[Records from a dataset]
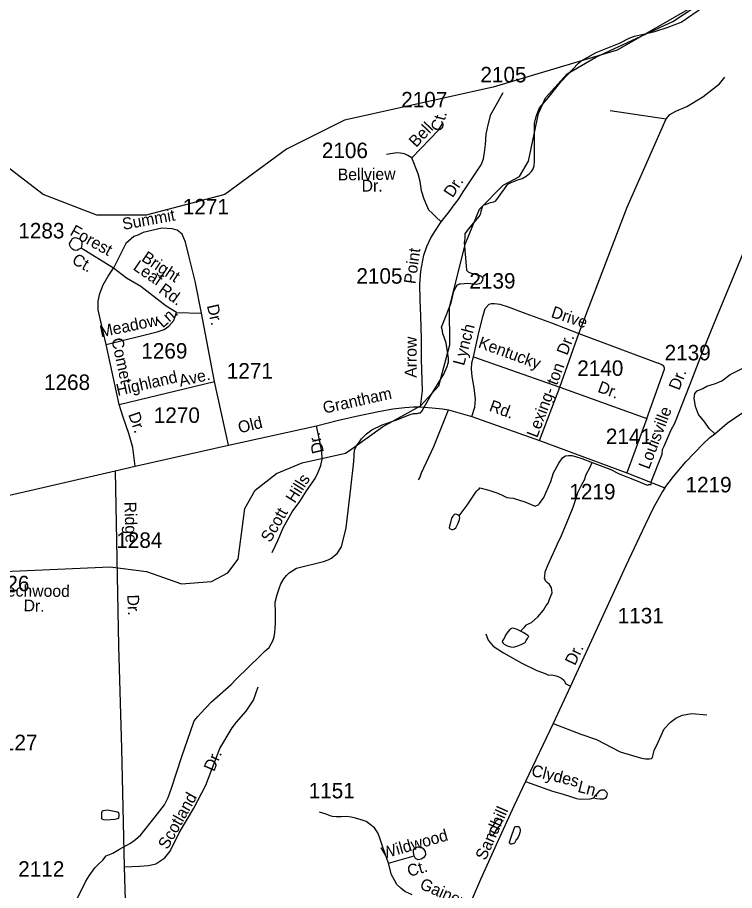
# Model space of a CAD drawing. Extents: x 2260773 to 2342389, y 552869 to 618546.
# Drawn here: x 2278661 to 2284444, y 575188 to 582228 of the extents above; entities that cross this region are included whole.
import ezdxf

# ---------------------------------------------------------------- set-up
doc = ezdxf.new("R2010")
doc.units = 0
for name, color, linetype in [('Exist Boundary Political Urban Extension UEB', 7, 'Continuous'), ('Exist Hydrographic Misc Water Feature', 7, 'Continuous'), ('Exist Road Non-System Type 51', 7, 'Continuous'), ('Exist Road Non-System Type 51 Label', 7, 'Continuous'), ('Exist Road Secondary Type 51 Attributed', 7, 'Continuous'), ('Exist Road Secondary Type 51 Label', 7, 'Continuous'), ('Exist Road Secondary Type 51 Number Label', 7, 'Continuous')]:
    doc.layers.add(name, color=color, linetype=linetype)

msp = doc.modelspace()

# ---------------------------------------------------------------- linework, layer by layer
at = {"layer": 'Exist Boundary Political Urban Extension UEB'}
msp.add_lwpolyline([(2284196, 582364.4), (2283496.6, 581964.8), (2282497.4, 581665.1), (2281298.4, 581398.7), (2280832.1, 581165.6), (2280332.5, 580799.2), (2279699.7, 580632.7), (2279300, 580632.7), (2278867.1, 580799.2), (2278567.3, 581032.4), (2278267.6, 581432), (2278167.6, 581931.5), (2278101, 582497.6)], dxfattribs=at)
at = {"layer": 'Exist Hydrographic Misc Water Feature'}
for points in [[(2278251.7, 577746.1), (2279408.8, 577798.2), (2279700.8, 577759.5), (2279984.8, 577661.9), (2280225.7, 577680), (2280358.8, 577749.4), (2280440.8, 577859.3), (2280494.7, 578268.1), (2280576.8, 578417.3), (2280750.6, 578551.6), (2280957.7, 578635.9), (2281307.8, 578714.1), (2281356.8, 578749.2), (2281604.7, 578927.9), (2281911.9, 579095.5), (2282059.7, 579256.4), (2282148.7, 579589.1), (2282145.8, 579890.9), (2282273.8, 580406.5), (2282387.8, 580682.9), (2282577.9, 580875.8), (2282710.7, 580945.4), (2282783.7, 581068.5), (2282863.7, 581453.9), (2282920.7, 581580.6), (2283093.8, 581773.9), (2283325.7, 581907), (2283947.8, 582196.1), (2284229.8, 582383.8)], [(2281393.5, 578768.1), (2281393.3, 578771.8), (2281413, 578798.1), (2281436.5, 578830.6), (2281476.3, 578870.8), (2281520, 578903.1), (2281601.2, 578944.1), (2281721.2, 578984.8), (2281834.6, 579030.2), (2281848.5, 579032.1), (2281856.3, 579034.2), (2281868.8, 579034.3), (2281884.4, 579034.4), (2281900.4, 579040.5), (2281910.6, 579040.6), (2281924.4, 579056.8), (2281989.4, 579171.5), (2282099.3, 579352.4), (2282126.8, 579414.8), (2282136.6, 579450.6), (2282138.2, 579480.8), (2282119, 579602.5), (2282102.6, 579650.4), (2282090.7, 579678.1), (2282088.2, 579702), (2282080.2, 579730), (2282095.8, 579770.2), (2282157.9, 579926.7), (2282181.3, 580020.5), (2282198.9, 580054.8), (2282210.8, 580070.8), (2282226.6, 580079), (2282234.6, 580081), (2282294.5, 580085.8), (2282362.6, 580076.3), (2282386.6, 580082.5), (2282402.3, 580090.6), (2282408.3, 580102.7), (2282414.2, 580110.7), (2282416.1, 580124.6), (2282406.2, 580138.7), (2282385.9, 580146.6), (2282323.8, 580162.1), (2282299.4, 580173.9), (2282285.7, 580187.7), (2282285.3, 580193.4), (2282283.4, 580225.4), (2282265.8, 580413.4), (2282271.1, 580445.4), (2282270.5, 580483.2), (2282298.8, 580519.5), (2282385.1, 580622.5), (2282399.3, 580646.2), (2282401.3, 580668.3), (2282414.2, 580708.5), (2282422.4, 580716.6), (2282436.8, 580720.5), (2282476.6, 580735.2), (2282502.2, 580741.4), (2282520.2, 580749.3), (2282541.8, 580779.7), (2282616.6, 580882.4), (2282642.9, 580896.7), (2282688.4, 580915), (2282730.4, 580929.3), (2282764.1, 580947.8), (2282791.9, 580969.9), (2282805.7, 580986.1), (2282819.4, 581008), (2282829.3, 581030.4), (2282831.3, 581068.2), (2282830.1, 581372.1), (2282843.6, 581428.1), (2282857.1, 581464.1), (2282870.5, 581498.2), (2282930.4, 581567.1), (2283046.8, 581710.1), (2283185.2, 581859.2), (2283207.4, 581877.4), (2283328.6, 581944.3), (2283515.6, 582020.3), (2283595.3, 582061), (2283637, 582075.5), (2283687, 582087.8), (2283802.4, 582115), (2283900.2, 582145.7), (2284014.1, 582188.5), (2284194.3, 582312.2)], [(2283295.3, 578640.2), (2283446.3, 578583.4), (2283514.3, 578548), (2283650.5, 578493.4), (2283734.8, 578458.4), (2283745, 578456.4), (2283748.7, 578462.4), (2283770.7, 578462.3), (2283772.9, 578482.7), (2283860.5, 578707.1), (2283864.2, 578745.1), (2283876.1, 578771.2), (2283932.6, 578901.8), (2283962.2, 578955.8), (2284087.3, 579271.1), (2284194.5, 579549.8), (2284301.5, 579812.7), (2284421.1, 580099.6), (2284514.8, 580328.4)], [(2279134.8, 575106.7), (2279213.6, 575263.6), (2279238.8, 575307.6), (2279284.5, 575372.1), (2279320, 575406.5), (2279349.7, 575434.5), (2279375.6, 575467.1), (2279429.3, 575489.4), (2279484.9, 575521.9), (2279572, 575570.5), (2279614, 575601), (2279655.9, 575637.3), (2279772.1, 575782.4), (2279847, 575879), (2279876.7, 575937.4), (2279903.8, 576013.6), (2279987.2, 576270.3), (2280080.7, 576540.9), (2280086.5, 576557), (2280101, 576575.1), (2280114.8, 576591.3), (2280136.1, 576615.3), (2280225.5, 576710.1), (2280383.8, 576849.7), (2280421.5, 576889.8), (2280459.5, 576928.3), (2280490.8, 576956.4), (2280534.3, 577000.9), (2280610, 577071.5), (2280659.2, 577120), (2280691.2, 577148.5), (2280707, 577176.5), (2280720.5, 577202.4), (2280732, 577232.7), (2280735.9, 577268.6), (2280741, 577342.9), (2280742.4, 577430.7), (2280739.8, 577514.6), (2280756.8, 577576.5), (2280770.5, 577622.7), (2280784.1, 577660.8), (2280809.5, 577701.2), (2280831.6, 577729.5), (2280853.2, 577749.4), (2280881.1, 577767.9), (2280910.8, 577788.1), (2281128.6, 577840.1), (2281167.7, 577854.4), (2281194, 577868.7), (2281215.7, 577887), (2281239.5, 577904.8), (2281275, 577959.5), (2281311.5, 578111.8), (2281350.2, 578432), (2281372.6, 578648), (2281379.7, 578741.8), (2281391.2, 578760), (2281393.5, 578768.1)], [(2282224.2, 578209.9), (2282287.1, 578294.9), (2282364, 578407.4), (2282371.8, 578415.5), (2282384.1, 578427.5), (2282390, 578435.5), (2282399.9, 578433.6), (2282462, 578416.1), (2282536.4, 578392.8), (2282574.4, 578373.3), (2282608.6, 578357.6), (2282630.6, 578353.9), (2282658.5, 578352.1), (2282753, 578322.8), (2282837.3, 578287.8), (2282847.1, 578294), (2282859, 578295.9), (2282870.7, 578310), (2282906.6, 578356.5), (2282963, 578487.1), (2282984.5, 578557.2), (2283027.8, 578633.4), (2283057.3, 578677.7), (2283067.5, 578685.8), (2283081.3, 578693.9), (2283104.8, 578696), (2283131.1, 578694.6), (2283161.2, 578686.8), (2283213.5, 578671.2), (2283295.3, 578640.2)], [(2282718.7, 577279.3), (2282726.3, 577287.5), (2282750.3, 577311.5), (2282767.7, 577331.9), (2282782.3, 577339.9), (2282805.7, 577350.2), (2282857.8, 577394.6), (2282904.5, 577448.8), (2282924.6, 577485.2), (2282940.2, 577505.1), (2282949.8, 577529.2), (2282965.8, 577569.3), (2282973.4, 577589.7), (2282971.2, 577609.5), (2282967.1, 577629.6), (2282961.1, 577643.5), (2282951.3, 577655.1), (2282933, 577673.2), (2282918.3, 577686.8), (2282918.5, 577692.9), (2282910.7, 577707), (2282914.6, 577720.7), (2282918, 577757), (2282941.6, 577817.1), (2283008.1, 577963.6), (2283025.5, 578001.6), (2283041.1, 578032.1), (2283088.2, 578148.2), (2283143, 578278.7), (2283168, 578352.8), (2283179.7, 578396.9), (2283213.3, 578461.1), (2283235.1, 578499.2), (2283248.4, 578541.8), (2283276.1, 578595.6), (2283295.3, 578640.2)], [(2282224.2, 578209.9), (2282215.7, 578216), (2282204.1, 578219.8), (2282189.9, 578222), (2282182.1, 578217.9), (2282172.3, 578207.6), (2282162, 578189.7), (2282150.9, 578145.5), (2282145, 578125.3), (2282143.2, 578111.4), (2282145, 578107.4), (2282149.5, 578103.5), (2282165.3, 578099.5), (2282173.5, 578099.5), (2282184.8, 578103.9), (2282197.1, 578111.7), (2282214.5, 578150.1), (2282226.4, 578180), (2282228.5, 578192.2), (2282226.2, 578204.3), (2282224.2, 578209.9)], [(2282718.7, 577279.3), (2282690.2, 577292.9), (2282666.7, 577301), (2282656.2, 577304.6), (2282646.6, 577300.8), (2282634.5, 577296.5), (2282615, 577274.3), (2282597.1, 577246.2), (2282585, 577220), (2282573.6, 577203.9), (2282571.5, 577194), (2282577.5, 577183.8), (2282585.5, 577176.1), (2282611.7, 577162.5), (2282639.8, 577152.5), (2282661.5, 577150.9), (2282695.6, 577161.2), (2282723.5, 577173.2), (2282755.2, 577187.8), (2282765.1, 577203.8), (2282775.1, 577219.8), (2282780.9, 577231.9), (2282784.8, 577237.7), (2282776.8, 577245.8), (2282740.5, 577267.5), (2282718.7, 577279.3)], [(2279340.5, 575796.3), (2279340.5, 575818.2), (2279345.8, 575830.4), (2279354.2, 575834.4), (2279386, 575839), (2279468, 575821.7), (2279475.8, 575817.7), (2279478.5, 575799.5), (2279476.5, 575769.8), (2279466.4, 575767.6), (2279446.5, 575761.3), (2279412.7, 575757.1), (2279374.7, 575756.7), (2279356.9, 575758.6), (2279344.8, 575762.5), (2279340.7, 575766.3), (2279340.5, 575772.4), (2279340.7, 575776.5), (2279340.5, 575796.3)], [(2282513.1, 575738.1), (2282478, 575687.8), (2282471.6, 575665.7), (2282470.2, 575653.7), (2282470.2, 575644), (2282473.9, 575637.7), (2282480.1, 575631.9), (2282492.6, 575632.1), (2282505.9, 575646.3), (2282523.5, 575678.5), (2282557.6, 575716.8), (2282559.2, 575726.7), (2282567.2, 575738.9), (2282567.2, 575748.6), (2282567.2, 575758.7), (2282552.8, 575762.5), (2282543.2, 575760.3), (2282531.1, 575756.5), (2282523.1, 575754.4), (2282513.1, 575738.1)], [(2282708.1, 575638.2), (2282700.1, 575618.3), (2282688, 575603.9), (2282684.3, 575600), (2282680.4, 575592), (2282670.8, 575571.6), (2282660.7, 575567.8), (2282652.7, 575565.8), (2282644.7, 575563.4), (2282636.5, 575563.4), (2282636.9, 575567.4), (2282628.5, 575571.5), (2282628.3, 575577.6), (2282645.9, 575627.6), (2282667.5, 575689.7), (2282671.6, 575701.7), (2282681.2, 575705.9), (2282691.5, 575703.9), (2282701.3, 575704.1), (2282709.3, 575693.9), (2282715.5, 575684.1), (2282715.9, 575666.2), (2282713.6, 575656), (2282708.1, 575638.2)]]:
    msp.add_lwpolyline(points, dxfattribs=at)
at = {"layer": 'Exist Road Non-System Type 51'}
for p, q in [((2283440.7, 581477.8), (2283893.2, 581410.1)), ((2283736.9, 578993.8), (2283574.3, 578557.4)), ((2281653.5, 575407.9), (2281860.5, 575469.5))]:
    msp.add_line(p, q, dxfattribs=at)
for points in [[(2283893.2, 581410.1), (2283922.9, 581444.4), (2283970.6, 581470.9), (2284060.1, 581509.6), (2284189.2, 581586.8), (2284322.3, 581692.1), (2284365.8, 581746.4)], [(2283187.9, 579678.6), (2283578, 580697.7), (2283893.2, 581410.1)], [(2279173.6, 580368.3), (2279153.8, 580356.1), (2279139.8, 580350), (2279119.7, 580351.8), (2279105.7, 580359.7), (2279091.5, 580371.6), (2279083.5, 580389.5), (2279081.2, 580405.4), (2279093, 580425.5), (2279104.8, 580445.7), (2279124.7, 580453.9), (2279140.7, 580452), (2279162.9, 580440.3), (2279179, 580418.4), (2279179.2, 580400.4), (2279173.6, 580368.3)], [(2283879, 579399.8), (2283874.2, 579415), (2283868.1, 579419.6), (2283859, 579427.2), (2283828.5, 579439.4)], [(2284285.9, 578871.8), (2284240.7, 578913.4), (2284204.6, 578964), (2284154, 579027.2), (2284128.7, 579090.4), (2284119.7, 579159.1), (2284125.1, 579195.2), (2284144.1, 579216), (2284187.4, 579235.9), (2284221.8, 579254), (2284290.4, 579277.5), (2284342.7, 579299.1), (2284409.6, 579347.9), (2284526.9, 579409.4), (2284590.2, 579418.4)], [(2283736.9, 578993.8), (2283854.3, 579323.5), (2283879.5, 579393.1), (2283879, 579399.8)], [(2281894.7, 578500.8), (2281907.4, 578515.2), (2281920, 578555), (2282019.4, 578768.2), (2282136.7, 579064.5)], [(2280715.5, 577913.5), (2280764.3, 578014.7), (2280804, 578112.3), (2280876.2, 578240.6), (2280937.6, 578323.7), (2280991.8, 578410.4), (2281062.2, 578511.6), (2281087.5, 578560.4), (2281107.4, 578614.6), (2281118.2, 578667), (2281114.6, 578728.5), (2281100.2, 578809.8), (2281073.1, 578934.4)], [(2282437.5, 577257.3), (2282457.4, 577206.7), (2282498.9, 577159.8), (2282580.2, 577105.6), (2282730.1, 577022.4), (2282851.1, 576962.8), (2282916.1, 576937.5), (2282945, 576924.9), (2282970.3, 576926.7), (2283004.6, 576919.5), (2283028.1, 576912.2), (2283049.7, 576901.4), (2283067.8, 576885.1), (2283084, 576856.2), (2283121.1, 576835.4)], [(2279521.8, 575378.5), (2279644.6, 575385.7), (2279718.6, 575389.3), (2279778.2, 575403.8), (2279849.5, 575451.3), (2279893.8, 575505), (2279966.1, 575653.1), (2280083.4, 575851.9), (2280179.2, 576038), (2280253.2, 576229.5), (2280292.9, 576333.4), (2280392.2, 576501.5), (2280428.4, 576544.8), (2280506, 576634.3), (2280563.8, 576723.7), (2280601.7, 576832.1)], [(2282982, 576535.6), (2283205.9, 576448.2), (2283332.2, 576407), (2283521.5, 576307.1), (2283694.2, 576256.7), (2283727.1, 576250.3), (2283745.6, 576249.5), (2283759.2, 576250.3), (2283775.3, 576252.7), (2283782.5, 576260.7), (2283785.6, 576273.5), (2283796.8, 576318.3), (2283828.2, 576385.5), (2283877.4, 576490.8), (2283928.9, 576544.6), (2283971.4, 576578.1), (2284020.7, 576602.8), (2284099, 576616.2), (2284222.1, 576605)], [(2282759.3, 576068.6), (2282976.4, 575990.2), (2283054.8, 575967.8), (2283128.6, 575943.2), (2283168.9, 575929.7), (2283200.3, 575925.3), (2283280.9, 575927.5), (2283310, 575936.5)], [(2283310, 575936.5), (2283331.7, 575930.9), (2283358.2, 575928.2), (2283376.6, 575926.8), (2283390, 575929.1), (2283401.2, 575933.6), (2283408.9, 575939), (2283415.6, 575947), (2283417.4, 575957.8), (2283418.7, 575968.6), (2283414.7, 575978.4), (2283404.8, 575990.6), (2283395, 575996.4), (2283383.7, 575997.3), (2283372.1, 575996.8), (2283362.2, 575993.7), (2283351, 575985.6), (2283333.5, 575968.6), (2283320.1, 575954.7), (2283312.9, 575944.3), (2283310, 575936.5)], [(2281860.5, 575469.5), (2281854.3, 575495.5), (2281856.3, 575515.4), (2281868, 575531.6), (2281891.9, 575539.7), (2281913.9, 575540), (2281934.1, 575528.2), (2281950.2, 575502.3), (2281952.4, 575476.3), (2281938.8, 575454.2), (2281916.8, 575442), (2281892.9, 575435.9), (2281870.9, 575447.5), (2281860.5, 575469.5)]]:
    msp.add_lwpolyline(points, dxfattribs=at)
at = {"layer": 'Exist Road Secondary Type 51 Attributed'}
for p, q in [((2279435.1, 580207.5), (2279173.6, 580368.3)), ((2279944.4, 579849.6), (2280144.8, 579842.4)), ((2280249.6, 579291.3), (2280144.8, 579842.4)), ((2279482.1, 579107), (2279375.1, 579590.9)), ((2282339.1, 579490.7), (2283034.4, 579247.6)), ((2279482.1, 579107), (2280249.6, 579291.3)), ((2280363.4, 578780), (2280249.6, 579291.3)), ((2282870, 578817.6), (2283034.4, 579247.6)), ((2283034.4, 579247.6), (2283736.9, 578993.8)), ((2282324.7, 579010.9), (2282870, 578817.6)), ((2279609.3, 578610.6), (2280363.4, 578780)), ((2279450.1, 578573.1), (2279609.3, 578610.6))]:
    msp.add_line(p, q, dxfattribs=at)
for points in [[(2282079.1, 580579.3), (2282133.2, 580648), (2282158.5, 580682.3), (2282174.8, 580705.8), (2282216.3, 580756.4), (2282261.5, 580829.1), (2282400.5, 581040.1), (2282418.6, 581087.1), (2282427.6, 581139.5), (2282434.8, 581204.5), (2282442, 581287.6), (2282456.5, 581361.7), (2282478.2, 581444.8), (2282525.1, 581526.1), (2282579.3, 581621.9)], [(2281842.5, 581096.1), (2281987, 581247), (2282055.6, 581318.3), (2282093.5, 581381.6)], [(2281842.5, 581096.1), (2281810, 581116), (2281782.9, 581126.8), (2281750.4, 581132.2), (2281721.5, 581135.8), (2281638.4, 581123.2)], [(2282079.1, 580579.3), (2282035.7, 580619.1), (2282003.2, 580651.6), (2281979.7, 580673.3), (2281961.7, 580711.2), (2281941.8, 580763.6), (2281920.1, 580830.5), (2281909.3, 580904.6), (2281893.1, 580967.8), (2281842.5, 581096.1)], [(2281911, 579088), (2281928.8, 579216.8), (2281920.1, 579471.7), (2281918.3, 579639.7), (2281912.9, 579820.4), (2281909.3, 579951.4), (2281907.5, 580077.9), (2281914.7, 580180.9), (2281938.2, 580311), (2281961.7, 580379.7), (2281996, 580450.1), (2282032.1, 580509.8), (2282079.1, 580579.3)], [(2280144.8, 579842.4), (2280094.3, 580102.6), (2280045.5, 580295.9), (2280016.6, 580417), (2279989.5, 580480.2), (2279949.8, 580513.7), (2279908.3, 580522.7), (2279825.2, 580528.1), (2279676.1, 580492.9), (2279632.3, 580472.6), (2279600.9, 580460.4), (2279536.3, 580406.2), (2279435.1, 580207.5)], [(2279375.1, 579590.9), (2279347, 579716.4), (2279311.5, 579870.1), (2279311.5, 579941.3), (2279324.6, 580003.2), (2279352.7, 580072.5), (2279391.5, 580140.6), (2279435.1, 580207.5)], [(2279944.4, 579849.6), (2279861.3, 579901.1), (2279657.2, 580058.3), (2279539.9, 580127), (2279435.1, 580207.5)], [(2283881.3, 578436.3), (2283951.8, 578526.7), (2284051.1, 578645.9), (2284192, 578790.5), (2284244.3, 578841.1), (2284285.9, 578871.8), (2284385.2, 578956.7), (2284502.6, 579038), (2284971.2, 579304.6), (2285376.6, 579527.7), (2285604.4, 579648.1), (2285795, 579754.2), (2286184.7, 579967.7)], [(2282339.1, 579490.7), (2282384.3, 579698.5), (2282416.8, 579824.9), (2282433, 579881), (2282465.5, 579917.1), (2282483.6, 579922.5), (2282507.1, 579922.5), (2282550.4, 579917.1), (2282619, 579893.6), (2282761.7, 579841.2), (2282967.6, 579765.3), (2283187.9, 579678.6)], [(2279375.1, 579590.9), (2279787.5, 579692.6), (2279845.4, 579711), (2279883, 579737.6), (2279920.9, 579784.6), (2279944.4, 579849.6)], [(2283034.4, 579247.6), (2283187.9, 579678.6)], [(2283187.9, 579678.6), (2283828.5, 579439.4)], [(2282324.7, 579010.9), (2282349.9, 579086.8), (2282355.4, 579150.1), (2282344.5, 579241.3), (2282328.3, 579331.7), (2282322.9, 579393.1), (2282326.5, 579441.9), (2282339.1, 579490.7)], [(2279609.3, 578610.6), (2279590.4, 578760.1), (2279559.7, 578873.9), (2279512.8, 579005.8), (2279482.1, 579107)], [(2280363.4, 578780), (2281073.1, 578934.4), (2281250, 578979.6), (2281392.7, 579012.1), (2281571.5, 579051.9), (2281688.9, 579071.8), (2281784.6, 579082.6), (2281855, 579088), (2281911, 579088)], [(2281911, 579088), (2282006.7, 579080.8), (2282088, 579071.8), (2282136.7, 579064.5), (2282324.7, 579010.9)], [(2282870, 578817.6), (2283574.3, 578557.4), (2283881.3, 578436.3)], [(2277796, 578202), (2278067.6, 578263.9), (2278455, 578344.6), (2279450.1, 578573.1)], [(2279450.1, 578573.1), (2279474.9, 577161), (2279500.1, 576334.3), (2279521.8, 575378.5), (2279536.3, 574929.5), (2279545.3, 574624.1), (2279552.5, 574436.2), (2279565.1, 574331.4), (2279579.6, 574269.9), (2279595.8, 574219.3), (2279621.1, 574172.4), (2279660.9, 574105.5), (2279716.8, 574036.8), (2279772.8, 573975.4), (2279845.1, 573903.1), (2279993.1, 573783.9), (2280150.3, 573660.1), (2280269.4, 573571.6), (2280357.9, 573520.1), (2280460.9, 573474.9), (2280563.8, 573438.8), (2280845.5, 573352), (2281096.5, 573279.8)], [(2283881.3, 578436.3), (2283863.3, 578405.6), (2283787.4, 578270.1), (2283722.4, 578138.2), (2283567.1, 577805.7), (2283121.1, 576835.4), (2282982, 576535.6), (2282759.3, 576068.6), (2282663, 575869.3), (2282535.4, 575587.1), (2282394.4, 575278), (2282261.3, 574966.5)], [(2281843.7, 575152.6), (2281785.5, 575181.7), (2281752, 575208.5), (2281720.6, 575237.7), (2281702.7, 575271.3), (2281678.1, 575316.1), (2281653.5, 575407.9), (2281608.7, 575537.8), (2281579.6, 575618.4), (2281568.4, 575654.3), (2281539.3, 575694.6), (2281505.7, 575721.4), (2281472.2, 575743.8), (2281434.1, 575759.5), (2281387.1, 575773), (2281351.3, 575779.7), (2281317.7, 575784.2), (2281272.9, 575781.9), (2281230.4, 575781.9), (2281201.3, 575786.4), (2281183.4, 575790.9), (2281149.8, 575804.3), (2281098.3, 575820)]]:
    msp.add_lwpolyline(points, dxfattribs=at)

# ---------------------------------------------------------------- texts
at = {"layer": 'Exist Road Non-System Type 51 Label'}
for s, rotation, p in [('Dr.', 68.79351, (2283998.1, 579215.5)), ('Louisville', 69.31037, (2283754.9, 578578.9)), ('Dr.', 102.939, (2281133.3, 578723.4)), ('Hills', 57.91801, (2280897.7, 578305.7)), ('Scott', 59.92132, (2280699.7, 577988.4)), ('Dr.', 67.00232, (2280246.3, 576142.2)), ('Clydes', 346.31416, (2282799.6, 576114.1)), ('Ln.', 345.86209, (2283173.9, 575984.9)), ('Scotland', 60.7834, (2279871.4, 575513.5)), ('Wildwood', 16.08978, (2281611.6, 575442.1)), ('Ct.', 16.08978, (2281819.5, 575297.9))]:
    msp.add_text(s, height=95, rotation=rotation, dxfattribs=at).set_placement(p)
at = {"layer": 'Exist Road Secondary Type 51 Label'}
for s, rotation, p in [('Ct.', 74.5227, (2282082.6, 581302.4)), ('Bell', 46.63808, (2281876, 581174.2)), ('Bellview', 0.65399, (2281244.8, 580913.8)), ('Dr.', 0.32595, (2281437.3, 580823.5)), ('Dr.', 56.54048, (2282170.4, 580768.6)), ('Summit', 10.28867, (2279514.7, 580514.4)), ('Forest', 330.82706, (2279077.9, 580478.2)), ('Ct.', 330.82706, (2279092.8, 580248.3)), ('Bright', 326.63365, (2279654.8, 580270.3)), ('Point', 81.91461, (2281870.6, 580074.9)), ('Leaf', 325.61649, (2279586.6, 580199.3)), ('Rd.', 324.41443, (2279792.4, 580014.8)), ('Dr.', 282.73922, (2280188.2, 579904)), ('Drive', 341.6859, (2282958, 579813.2)), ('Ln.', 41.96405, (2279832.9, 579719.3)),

WHAT YOU NEED TO DO: Copy out each line of the records where the word "Road" appears.

SOLUTION FOR THIS TASK:
for name, color, linetype in [('Exist Boundary Political Urban Extension UEB', 7, 'Continuous'), ('Exist Hydrographic Misc Water Feature', 7, 'Continuous'), ('Exist Road Non-System Type 51', 7, 'Continuous'), ('Exist Road Non-System Type 51 Label', 7, 'Continuous'), ('Exist Road Secondary Type 51 Attributed', 7, 'Continuous'), ('Exist Road Secondary Type 51 Label', 7, 'Continuous'), ('Exist Road Secondary Type 51 Number Label', 7, 'Continuous')]:
at = {"layer": 'Exist Road Non-System Type 51'}
at = {"layer": 'Exist Road Secondary Type 51 Attributed'}
at = {"layer": 'Exist Road Non-System Type 51 Label'}
at = {"layer": 'Exist Road Secondary Type 51 Label'}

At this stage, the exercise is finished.